Tłok oprócz tego że na górze jak zwykle czarny i przykopcony to też pod pierścieniami czarny i lekko brązowy.
Wychodzi na to że tłok ma duże luzy i jest nieszczelny. cylinder też ''wychodzony''
Decyzja została podjęta, jutro wyciągam silnik z ramy i wiozę do pewnego pana Big Grin który wyprostuje wał zrobi szlif założy nowy tłok pierścienie i chyba łożyska (od tego krzywego wału pewnie rozklepanie ) no i co będzie bardziej zużyte także do wymiany. Kiedy silnik będzie w remoncie to rurę wyczyszczę choć był 3 lata temu czyszczona ( komarek mało jeździł, bardziej się remontował Big Grin).
Ten sam koleś co robił dla brata MZ'ke robił będzie komarka Big Grin
dobranoc
To czekamy
Witam
Na wstępie dziękuje za pomoc w naprawie komarka.

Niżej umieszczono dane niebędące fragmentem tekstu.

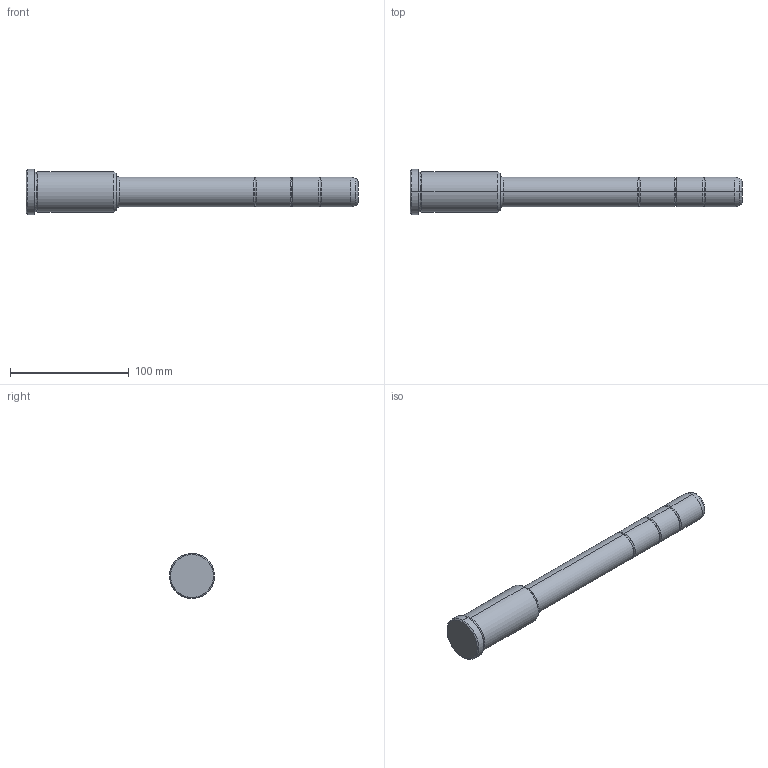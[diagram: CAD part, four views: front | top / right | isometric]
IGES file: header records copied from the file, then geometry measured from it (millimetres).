
Start section: START RECORD GO HERE.
Global section: file name: 351-25X76X280.igs; native system: DASSAULT SYSTEMES CATIA V5 R20 - www.3ds.com; preprocessor: CATIA Version 5 Release 20 ; author: Utente; organization: NB04-ASUS; date: 20210907.132818; units: millimetre
Bounding box: 280 x 38 x 38 mm (x, y, z)
Surface area: 26237.4 mm2 (no closed solid volume)
Topology: 0 solids, 0 shells, 42 faces, 236 edges, 236 vertices
Faces by surface type: revolution 38, plane 4

Mój bzyk dzisiaj wrócił z remontu. Włożyłem silnik w ramę i kopałem pół dnia, (takiej kompresji to w nim jeszcze nie widziałem Big Grin) aby się trochę dotarł Wieczorem stwierdziłem że czas go odpalić (silnik zimny) Zapalił za pierwszym kopemhura ale zaraz go zgasiłem żeby nie przesadzać Tongue
Komarek igiełka Big Grin Koszt remontu to 240zł u znajomego mojego ojca.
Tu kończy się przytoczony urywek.